Work item. A single number is wanted: how many lines of the data below include the string "transform"?

Extracted entries.
----------

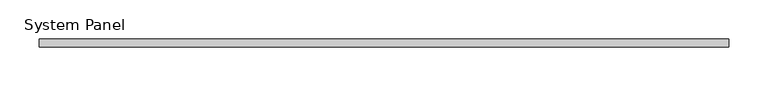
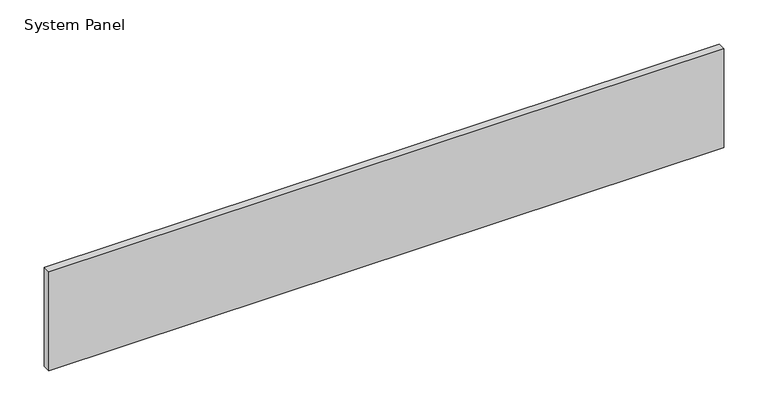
"""IFC4 building model written with IfcOpenShell, lengths in millimetres: plate geometry, System Panel : VACÍO."""

from ifc_helpers import new_model, si_unit, origin, origin_with_axes, place, context, project, spatial, polyline, outline, extrude, source, transform, mapped, element, save


def system_panel_a7d8eeab(model_context):
    return source(origin(), model_context, "Body", "SweptSolid", [
        extrude(outline(polyline([(439.0218271, -5.0), (-439.0218271, -5.0), (-439.0218271, 5.0), (439.0218271, 5.0), (439.0218271, -5.0)])), origin_with_axes(), (0.0, 0.0, 1.0), 136.0),
    ])


if __name__ == "__main__":
    model = new_model("IFC4")
    model_context = context("Model", 3, world=origin())
    ifc_project = project(units=[si_unit("LENGTHUNIT", "METRE", prefix="MILLI")], contexts=[model_context])
    site = spatial("IfcSite", under=ifc_project)
    building = spatial("IfcBuilding", under=site)
    placement = place(None, origin())
    system_panel_shape = system_panel_a7d8eeab(model_context)
    element("IfcPlate", 1, ObjectType="System Panel : VACÍO", at=placement, inside=building, context=model_context, shape_type="MappedRepresentation", body=[
        mapped(system_panel_shape, transform((0.0, 0.0, 0.0), x_axis=(1.0, 0.0, 0.0), y_axis=(0.0, 1.0, 0.0), z_axis=(0.0, 0.0, 1.0))),
    ])
    save(model, "model.ifc")

----------

Response area. 2